### PROVIDED RECORDS
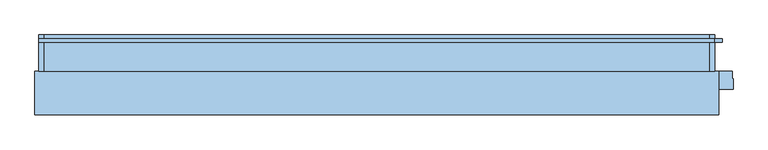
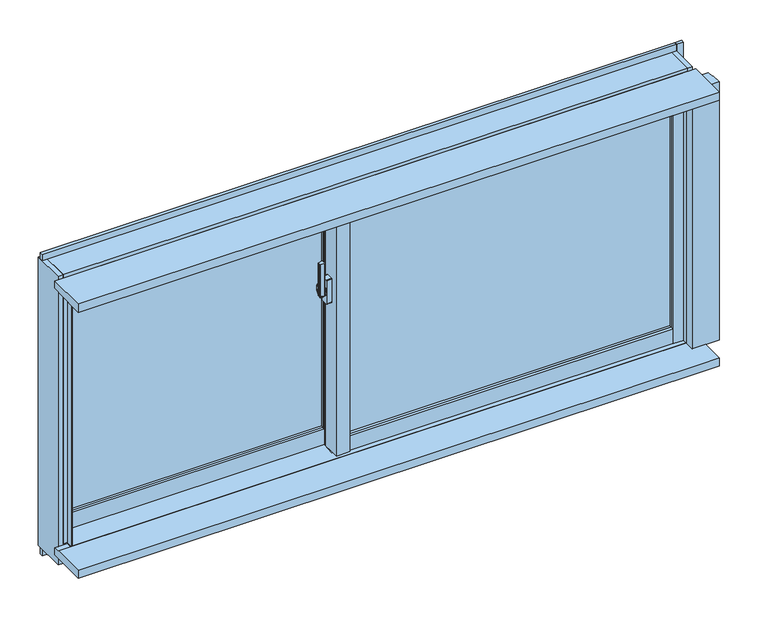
"""IFC4 building model written with IfcOpenShell, lengths in millimetres: window geometry, FNSⅡ100R_個別防火_面付枠_単窓 : 外動片引."""

from ifc_helpers import new_model, si_unit, point, frame, frame_2d, origin, place, context, project, spatial, polyline, circle_curve, trimmed, segment, composite_curve, outline, extrude, faceted_brep, source, transform, mapped, element, save
from ifc_brep_helpers import plane_surface, cylinder_surface, revolved_surface, advanced_brep


def window_9f836f41(model_context):
    return source(origin(), model_context, "Body", "SolidModel", [
        extrude(outline(composite_curve([segment(polyline([(-139.0, 34.6), (-139.0, 26.4)]), True, "CONTINUOUS"), segment(trimmed(circle_curve(frame_2d((-141.0, 26.4)), 2.0), [point((-139.0, 26.4))], [point((-141.3606557, 24.4327869))], False, "CARTESIAN"), True, "CONTINUOUS"), segment(polyline([(-141.3606557, 24.4327869), (-152.3606557, 26.4494536)]), True, "CONTINUOUS"), segment(trimmed(circle_curve(frame_2d((-152.0, 28.4166667)), 2.0), [point((-152.3606557, 26.4494536))], [point((-154.0, 28.4166667))], False, "CARTESIAN"), True, "CONTINUOUS"), segment(polyline([(-154.0, 28.4166667), (-154.0, 32.5833333)]), True, "CONTINUOUS"), segment(trimmed(circle_curve(frame_2d((-152.0, 32.5833333)), 2.0), [point((-154.0, 32.5833333))], [point((-152.3606557, 34.5505464))], False, "CARTESIAN"), True, "CONTINUOUS"), segment(polyline([(-152.3606557, 34.5505464), (-141.3606557, 36.5672131)]), True, "CONTINUOUS"), segment(trimmed(circle_curve(frame_2d((-141.0, 34.6)), 2.0), [point((-141.3606557, 36.5672131))], [point((-139.0, 34.6))], False, "CARTESIAN"), True, "CONTINUOUS")], self_intersect=False)), frame((0.0, 0.0, 1390.0), z_axis=(0.0, 0.0, 1.0), x_axis=(1.0, 0.0, 0.0)), (0.0, 0.0, 1.0), 100.0),
        advanced_brep(
        [(-137.5, 38.8234285, 1421.7333311), (-145.5, 38.8234285, 1421.7333311), (-145.5, 38.4351999, 1420.2844424), (-139.0, 38.4351999, 1420.2844424), (-139.0, 36.6234666, 1413.5229616), (-137.5, 36.6234666, 1413.5229616), (-139.0, 36.6466117, 1379.3190372), (-145.5, 36.6466117, 1379.3190372), (-145.5, 36.907084, 1377.8418256), (-137.5, 36.907084, 1377.8418256), (-137.5, 35.4310745, 1386.2126915), (-139.0, 35.4310745, 1386.2126915)],
        [
            (0, 1),
            (1, 2),
            (2, 3),
            (3, 4),
            (4, 5),
            (5, 0),
            (6, 7),
            (7, 8),
            (8, 9),
            (9, 10),
            (10, 11),
            (11, 6),
            (0, 9, circle_curve(frame((-137.5, 33.0, 1400.0), z_axis=(-1.0, 0.0, 0.0), x_axis=(0.0, 0.25881904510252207, 0.965925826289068)), 22.5)),
            (8, 1, circle_curve(frame((-145.5, 33.0, 1400.0), z_axis=(1.0, 0.0, 0.0), x_axis=(0.0, 0.25881904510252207, 0.965925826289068)), 22.5)),
            (7, 2, circle_curve(frame((-145.5, 33.0, 1400.0), z_axis=(1.0, 0.0, 0.0), x_axis=(0.0, 0.25881904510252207, 0.965925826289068)), 21.0)),
            (6, 3, circle_curve(frame((-139.0, 33.0, 1400.0), z_axis=(1.0, 0.0, 0.0), x_axis=(0.0, 0.25881904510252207, 0.965925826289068)), 21.0)),
            (11, 4, circle_curve(frame((-139.0, 33.0, 1400.0), z_axis=(-1.0, 0.0, 0.0), x_axis=(0.0, -1.0, 0.0)), 14.0)),
            (5, 10, circle_curve(frame((-137.5, 33.0, 1400.0), z_axis=(1.0, 0.0, 0.0), x_axis=(0.0, -1.0, 0.0)), 14.0)),
        ],
        [
            plane_surface(frame((-143.5470497, 33.0, 1400.0), z_axis=(0.0, -0.965925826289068, 0.25881904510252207), x_axis=(0.0, 0.25881904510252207, 0.965925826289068))),
            plane_surface(frame((-143.5470497, 33.0, 1400.0), z_axis=(0.0, -0.9848077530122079, -0.17364817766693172), x_axis=(0.0, 0.17364817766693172, -0.9848077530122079))),
            cylinder_surface(frame((-143.5470497, 33.0, 1400.0), z_axis=(-1.0, 0.0, 0.0), x_axis=(0.0, 0.25881904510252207, 0.965925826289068)), 22.5),
            plane_surface(frame((-145.5, 33.0, 1400.0), z_axis=(-1.0, 0.0, 0.0), x_axis=(0.0, 0.25881904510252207, 0.965925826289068))),
            revolved_surface(polyline([(-145.5, 38.43519994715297, 1420.2844423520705), (-139.0, 38.43519994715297, 1420.2844423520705)]), (-143.5470497, 33.0, 1400.0), (-1.0, 0.0, 0.0)),
            plane_surface(frame((-139.0, 33.0, 1400.0), z_axis=(-1.0, 0.0, 0.0), x_axis=(0.0, 0.25881904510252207, 0.965925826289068))),
            plane_surface(frame((-137.5, 33.0, 1400.0), z_axis=(1.0, 0.0, 0.0), x_axis=(0.0, 0.25881904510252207, 0.965925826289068))),
            cylinder_surface(frame((-137.5, 33.0, 1400.0), z_axis=(-1.0, 0.0, 0.0), x_axis=(0.0, -1.0, 0.0)), 14.0),
        ],
        [
            (0, [[1, 2, 3, 4, 5, 6]]),
            (1, [[7, 8, 9, 10, 11, 12]]),
            (2, [[-1, 13, -9, 14]]),
            (3, [[-2, -14, -8, 15]]),
            (4, [[-3, -15, -7, 16]]),
            (5, [[-16, -12, 17, -4]]),
            (6, [[-13, -6, 18, -10]]),
            (7, [[-17, -11, -18, -5]]),
        ],
    ),
        extrude(outline(composite_curve([segment(trimmed(circle_curve(frame_2d((33.0, 1400.0)), 11.5), [point((44.5, 1400.0))], [point((21.5, 1400.0))], False, "CARTESIAN"), True, "CONTINUOUS"), segment(trimmed(circle_curve(frame_2d((33.0, 1400.0)), 11.5), [point((21.5, 1400.0))], [point((44.5, 1400.0))], False, "CARTESIAN"), True, "CONTINUOUS")], self_intersect=False)), frame((-137.5, 0.0, 0.0), z_axis=(1.0, 0.0, 0.0), x_axis=(0.0, 1.0, 0.0)), (0.0, 0.0, 1.0), 2.5),
        extrude(outline(composite_curve([segment(polyline([(24.0, 1437.5), (42.0, 1437.5)]), True, "CONTINUOUS"), segment(trimmed(circle_curve(frame_2d((42.0, 1435.5)), 2.0), [point((42.0, 1437.5))], [point((44.0, 1435.5))], False, "CARTESIAN"), True, "CONTINUOUS"), segment(polyline([(44.0, 1435.5), (44.0, 1364.5)]), True, "CONTINUOUS"), segment(trimmed(circle_curve(frame_2d((42.0, 1364.5)), 2.0), [point((44.0, 1364.5))], [point((42.0, 1362.5))], False, "CARTESIAN"), True, "CONTINUOUS"), segment(polyline([(42.0, 1362.5), (24.0, 1362.5)]), True, "CONTINUOUS"), segment(trimmed(circle_curve(frame_2d((24.0, 1364.5)), 2.0), [point((24.0, 1362.5))], [point((22.0, 1364.5))], False, "CARTESIAN"), True, "CONTINUOUS"), segment(polyline([(22.0, 1364.5), (22.0, 1435.5)]), True, "CONTINUOUS"), segment(trimmed(circle_curve(frame_2d((24.0, 1435.5)), 2.0), [point((22.0, 1435.5))], [point((24.0, 1437.5))], False, "CARTESIAN"), True, "CONTINUOUS")], self_intersect=False)), frame((-135.0, 0.0, 0.0), z_axis=(1.0, 0.0, 0.0), x_axis=(0.0, 1.0, 0.0)), (0.0, 0.0, 1.0), 15.0),
        extrude(outline(polyline([(-80.0, 24.0), (868.0, 24.0), (868.0, 18.0), (-80.0, 18.0), (-80.0, 24.0)])), frame((0.0, 0.0, 948.0), z_axis=(0.0, 0.0, 1.0), x_axis=(1.0, 0.0, 0.0)), (0.0, 0.0, 1.0), 712.0),
        extrude(outline(polyline([(-80.0, 42.0), (868.0, 42.0), (868.0, 36.0), (-80.0, 36.0), (-80.0, 42.0)])), frame((0.0, 0.0, 948.0), z_axis=(0.0, 0.0, 1.0), x_axis=(1.0, 0.0, 0.0)), (0.0, 0.0, 1.0), 712.0),
        extrude(outline(polyline([(-868.0, 82.0), (-120.0, 82.0), (-120.0, 76.0), (-868.0, 76.0), (-868.0, 82.0)])), frame((0.0, 0.0, 948.0), z_axis=(0.0, 0.0, 1.0), x_axis=(1.0, 0.0, 0.0)), (0.0, 0.0, 1.0), 712.0),
        extrude(outline(polyline([(-868.0, 100.0), (-120.0, 100.0), (-120.0, 94.0), (-868.0, 94.0), (-868.0, 100.0)])), frame((0.0, 0.0, 948.0), z_axis=(0.0, 0.0, 1.0), x_axis=(1.0, 0.0, 0.0)), (0.0, 0.0, 1.0), 712.0),
        faceted_brep([(-900.0, 79.0, 1700.0), (-889.5, 79.0, 1700.0), (-889.5, 66.0, 1700.0), (-868.0, 66.0, 1700.0), (-868.0, 108.0, 1700.0), (-900.0, 108.0, 1700.0), (-868.0, 79.0, 860.0), (-900.0, 79.0, 860.0), (-900.0, 108.0, 860.0), (-868.0, 108.0, 860.0), (-868.0, 79.0, 900.0), (-889.5, 79.0, 900.0), (-889.5, 66.0, 900.0), (-868.0, 66.0, 900.0)], [[[0, 1, 2, 3, 4, 5]], [[6, 7, 8, 9]], [[1, 0, 7, 6, 10, 11]], [[2, 1, 11, 12]], [[3, 2, 12, 13]], [[4, 3, 13, 10, 6, 9]], [[5, 4, 9, 8]], [[7, 0, 5, 8]], [[11, 10, 13, 12]]]),
        faceted_brep([(-80.0, 79.0, 900.0), (-120.0, 79.0, 900.0), (-120.0, 79.0, 860.0), (-80.0, 79.0, 860.0), (-120.0, 65.5, 1700.0), (-101.8, 65.5, 1700.0), (-101.8, 53.1, 1700.0), (-80.0, 53.1, 1700.0), (-80.0, 108.0, 1700.0), (-120.0, 108.0, 1700.0), (-120.0, 108.0, 860.0), (-80.0, 108.0, 860.0), (-120.0, 65.5, 900.0), (-101.8, 65.5, 900.0), (-101.8, 53.1, 900.0), (-80.0, 53.1, 900.0)], [[[0, 1, 2, 3]], [[4, 5, 6, 7, 8, 9]], [[10, 11, 3, 2]], [[5, 4, 12, 13]], [[6, 5, 13, 14]], [[7, 6, 14, 15]], [[8, 7, 15, 0, 3, 11]], [[9, 8, 11, 10]], [[4, 9, 10, 2, 1, 12]], [[1, 0, 15, 14, 13, 12]]]),
        extrude(outline(polyline([(-120.0, 53.1), (-115.0, 53.1), (-115.0, 8.0), (-82.6, 8.0), (-82.6, 12.0), (-80.0, 12.0), (-80.0, 0.0), (-120.0, 0.0), (-120.0, 53.1)])), frame((0.0, 0.0, 900.0), z_axis=(0.0, 0.0, 1.0), x_axis=(1.0, 0.0, 0.0)), (0.0, 0.0, 1.0), 800.0),
        extrude(outline(polyline([(-115.0, 53.1), (-80.0, 53.1), (-80.0, 12.0), (-82.6, 12.0), (-82.6, 8.0), (-115.0, 8.0), (-115.0, 53.1)])), frame((0.0, 0.0, 900.0), z_axis=(0.0, 0.0, 1.0), x_axis=(1.0, 0.0, 0.0)), (0.0, 0.0, 1.0), 800.0),
        extrude(outline(polyline([(868.0, 0.0), (868.0, 8.0), (889.5, 8.0), (889.5, 21.0), (897.0, 21.0), (897.0, 0.0), (868.0, 0.0)])), frame((0.0, 0.0, 903.0), z_axis=(0.0, 0.0, 1.0), x_axis=(1.0, 0.0, 0.0)), (0.0, 0.0, 1.0), 797.0),
        extrude(outline(polyline([(868.0, 50.0), (900.0, 50.0), (900.0, 21.0), (889.5, 21.0), (889.5, 8.0), (868.0, 8.0), (868.0, 50.0)])), frame((0.0, 0.0, 900.0), z_axis=(0.0, 0.0, 1.0), x_axis=(1.0, 0.0, 0.0)), (0.0, 0.0, 1.0), 800.0),
        extrude(outline(polyline([(-101.8, 65.5), (-101.8, 58.0), (-120.0, 58.0), (-120.0, 65.5), (-101.8, 65.5)])), frame((0.0, 0.0, 900.0), z_axis=(0.0, 0.0, 1.0), x_axis=(1.0, 0.0, 0.0)), (0.0, 0.0, 1.0), 800.0),
        extrude(outline(polyline([(-897.0, 79.0), (-889.5, 79.0), (-889.5, 66.0), (-868.0, 66.0), (-868.0, 58.0), (-897.0, 58.0), (-897.0, 79.0)])), frame((0.0, 0.0, 900.0), z_axis=(0.0, 0.0, 1.0), x_axis=(1.0, 0.0, 0.0)), (0.0, 0.0, 1.0), 800.0),
        extrude(outline(polyline([(2.0, 903.0), (2.0, 948.0), (10.0, 948.0), (10.0, 925.5), (21.0, 925.5), (21.0, 903.0), (2.0, 903.0)])), frame((-80.0, 0.0, 0.0), z_axis=(1.0, 0.0, 0.0), x_axis=(0.0, 1.0, 0.0)), (0.0, 0.0, 1.0), 948.0),
        extrude(outline(polyline([(50.0, 900.0), (21.0, 900.0), (21.0, 925.5), (10.0, 925.5), (10.0, 948.0), (50.0, 948.0), (50.0, 900.0)])), frame((-80.0, 0.0, 0.0), z_axis=(1.0, 0.0, 0.0), x_axis=(0.0, 1.0, 0.0)), (0.0, 0.0, 1.0), 948.0),
        extrude(outline(polyline([(60.0, 948.0), (68.0, 948.0), (68.0, 925.5), (79.0, 925.5), (79.0, 900.0), (60.0, 900.0), (60.0, 948.0)])), frame((-868.0, 0.0, 0.0), z_axis=(1.0, 0.0, 0.0), x_axis=(0.0, 1.0, 0.0)), (0.0, 0.0, 1.0), 748.0),
        extrude(outline(polyline([(108.0, 860.0), (79.0, 860.0), (79.0, 925.5), (68.0, 925.5), (68.0, 948.0), (108.0, 948.0), (108.0, 860.0)])), frame((-868.0, 0.0, 0.0), z_axis=(1.0, 0.0, 0.0), x_axis=(0.0, 1.0, 0.0)), (0.0, 0.0, 1.0), 748.0),
        extrude(outline(polyline([(23.0, 1680.5), (10.0, 1680.5), (10.0, 1660.0), (2.0, 1660.0), (2.0, 1700.0), (23.0, 1700.0), (23.0, 1680.5)])), frame((-80.0, 0.0, 0.0), z_axis=(1.0, 0.0, 0.0), x_axis=(0.0, 1.0, 0.0)), (0.0, 0.0, 1.0), 948.0),
        extrude(outline(polyline([(50.0, 1700.0), (50.0, 1660.0), (10.0, 1660.0), (10.0, 1680.5), (23.0, 1680.5), (23.0, 1700.0), (50.0, 1700.0)])), frame((-80.0, 0.0, 0.0), z_axis=(1.0, 0.0, 0.0), x_axis=(0.0, 1.0, 0.0)), (0.0, 0.0, 1.0), 948.0),
        extrude(outline(polyline([(81.0, 1680.5), (68.0, 1680.5), (68.0, 1660.0), (60.0, 1660.0), (60.0, 1700.0), (81.0, 1700.0), (81.0, 1680.5)])), frame((-868.0, 0.0, 0.0), z_axis=(1.0, 0.0, 0.0), x_axis=(0.0, 1.0, 0.0)), (0.0, 0.0, 1.0), 748.0),
        extrude(outline(polyline([(108.0, 1700.0), (108.0, 1660.0), (68.0, 1660.0), (68.0, 1680.5), (81.0, 1680.5), (81.0, 1700.0), (108.0, 1700.0)])), frame((-868.0, 0.0, 0.0), z_axis=(1.0, 0.0, 0.0), x_axis=(0.0, 1.0, 0.0)), (0.0, 0.0, 1.0), 748.0),
        extrude(outline(polyline([(-122.0, 80.3), (-122.0, 31.9), (-900.0, 31.9), (-900.0, 80.3), (-122.0, 80.3)])), frame((0.0, 0.0, 1700.0), z_axis=(0.0, 0.0, 1.0), x_axis=(1.0, 0.0, 0.0)), (0.0, 0.0, 1.0), 25.0),
        faceted_brep([(915.0, 80.3, 1725.0), (915.0, 10.0, 1725.0), (-915.0, 10.0, 1725.0), (-915.0, 80.3, 1725.0), (-122.0, 80.3, 1725.0), (-122.0, 31.9, 1725.0), (900.0, 31.9, 1725.0), (900.0, 80.3, 1725.0), (915.0, 80.3, 1700.0), (900.0, 80.3, 1700.0), (-915.0, 80.3, 1700.0), (-122.0, 80.3, 1700.0), (915.0, 110.0, 1700.0), (900.0, 31.9, 1700.0), (-122.0, 31.9, 1700.0), (-915.0, 110.0, 1700.0), (915.0, 110.0, 1735.0), (-915.0, 110.0, 1735.0), (915.0, 10.0, 1735.0), (-915.0, 10.0, 1735.0)], [[[0, 1, 2, 3, 4, 5, 6, 7]], [[8, 0, 7, 9]], [[3, 10, 11, 4]], [[12, 8, 9, 13, 14, 11, 10, 15]], [[16, 12, 15, 17]], [[18, 16, 17, 19]], [[1, 18, 19, 2]], [[12, 16, 18, 1, 0, 8]], [[15, 10, 3, 2, 19, 17]], [[6, 13, 9, 7]], [[11, 14, 5, 4]], [[13, 6, 5, 14]]]),
        extrude(outline(polyline([(31.9, 1700.0), (-10.0, 1700.0), (-10.0, 1703.0), (10.0, 1703.0), (10.0, 1725.0), (31.9, 1725.0), (31.9, 1700.0)])), frame((-900.0, 0.0, 0.0), z_axis=(1.0, 0.0, 0.0), x_axis=(0.0, 1.0, 0.0)), (0.0, 0.0, 1.0), 1800.0),
        faceted_brep([(900.0, 10.0, 1720.0), (915.0, 10.0, 1720.0), (915.0, 14.5, 1720.0), (900.0, 14.5, 1720.0), (900.0, -10.0, 900.0), (900.0, 14.5, 900.0), (915.0, 14.5, 900.0), (915.0, 10.0, 900.0), (903.0, 10.0, 900.0), (903.0, -10.0, 900.0), (903.0, -10.0, 1703.0), (900.0, -10.0, 1703.0), (903.0, 10.0, 1703.0), (900.0, 10.0, 1703.0)], [[[0, 1, 2, 3]], [[4, 5, 6, 7, 8, 9]], [[4, 9, 10, 11]], [[9, 8, 12, 10]], [[0, 13, 12, 8, 7, 1]], [[2, 1, 7, 6]], [[3, 2, 6, 5]], [[5, 4, 11, 13, 0, 3]], [[12, 13, 11, 10]]]),
        faceted_brep([(-915.0, 10.0, 1720.0), (-900.0, 10.0, 1720.0), (-900.0, 76.0, 1720.0), (-915.0, 76.0, 1720.0), (-915.0, 10.0, 900.0), (-915.0, 76.0, 900.0), (-900.0, 76.0, 900.0), (-900.0, -10.0, 900.0), (-903.0, -10.0, 900.0), (-903.0, 10.0, 900.0), (-903.0, 10.0, 1703.0), (-900.0, 10.0, 1703.0), (-903.0, -10.0, 1703.0), (-900.0, -10.0, 1703.0)], [[[0, 1, 2, 3]], [[4, 5, 6, 7, 8, 9]], [[4, 9, 10, 11, 1, 0]], [[9, 8, 12, 10]], [[8, 7, 13, 12]], [[7, 6, 2, 1, 11, 13]], [[3, 2, 6, 5]], [[4, 0, 3, 5]], [[11, 10, 12, 13]]]),
        faceted_brep([(-930.0, 110.0, 1735.0), (-930.0, 10.0, 1735.0), (-915.0, 10.0, 1735.0), (-915.0, 110.0, 1735.0), (-930.0, 110.0, 840.0), (-915.0, 110.0, 840.0), (-915.0, 10.0, 840.0), (-930.0, 10.0, 840.0), (-915.0, 110.0, 849.0), (-915.0, 76.0, 849.0), (-915.0, 76.0, 1700.0), (-915.0, 110.0, 1700.0), (-900.0, 110.0, 1700.0), (-900.0, 110.0, 849.0), (-900.0, 76.0, 1700.0), (-900.0, 76.0, 849.0)], [[[0, 1, 2, 3]], [[4, 5, 6, 7]], [[1, 0, 4, 7]], [[2, 1, 7, 6]], [[3, 2, 6, 5, 8, 9, 10, 11]], [[0, 3, 11, 12, 13, 8, 5, 4]], [[12, 11, 10, 14]], [[13, 15, 9, 8]], [[14, 10, 9, 15]], [[12, 14, 15, 13]]]),
        faceted_brep([(915.0, 10.0, 1735.0), (930.0, 10.0, 1735.0), (930.0, 110.0, 1735.0), (915.0, 110.0, 1735.0), (915.0, 10.0, 840.0), (915.0, 110.0, 840.0), (930.0, 110.0, 840.0), (930.0, 10.0, 840.0), (915.0, 14.5, 1700.0), (900.0, 14.5, 1700.0), (900.0, 14.5, 849.0), (915.0, 14.5, 849.0), (900.0, 110.0, 1700.0), (900.0, 110.0, 849.0), (915.0, 110.0, 1700.0), (915.0, 110.0, 849.0)], [[[0, 1, 2, 3]], [[4, 5, 6, 7]], [[8, 9, 10, 11]], [[9, 12, 13, 10]], [[9, 8, 14, 12]], [[10, 13, 15, 11]], [[1, 0, 4, 7]], [[2, 1, 7, 6]], [[3, 2, 6, 5, 15, 13, 12, 14]], [[0, 3, 14, 8, 11, 15, 5, 4]]]),
        faceted_brep([(900.0, 37.25, 900.0), (900.0, 37.25, 884.0), (-122.0, 37.25, 884.0), (-122.0, 37.25, 900.0), (915.0, 10.0, 884.0), (915.0, 76.0, 884.0), (-915.0, 76.0, 884.0), (-915.0, 10.0, 884.0), (900.0, 18.8, 884.0), (-122.0, 18.8, 884.0), (915.0, 76.0, 849.0), (-915.0, 76.0, 849.0), (915.0, 110.0, 849.0), (-915.0, 110.0, 849.0), (915.0, 110.0, 840.0), (915.0, 10.0, 840.0), (-915.0, 10.0, 840.0), (-915.0, 110.0, 840.0), (900.0, 18.8, 900.0), (-122.0, 18.8, 900.0)], [[[0, 1, 2, 3]], [[4, 5, 6, 7], [1, 8, 9, 2]], [[5, 10, 11, 6]], [[10, 12, 13, 11]], [[14, 15, 16, 17]], [[14, 12, 10, 5, 4, 15]], [[17, 16, 7, 6, 11, 13]], [[15, 4, 7, 16]], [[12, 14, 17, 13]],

### GOAL OF THE EXERCISE
Count every line in the listing above where the string "import" occurs, and report the count and nothing more.

### ANSWER AREA
2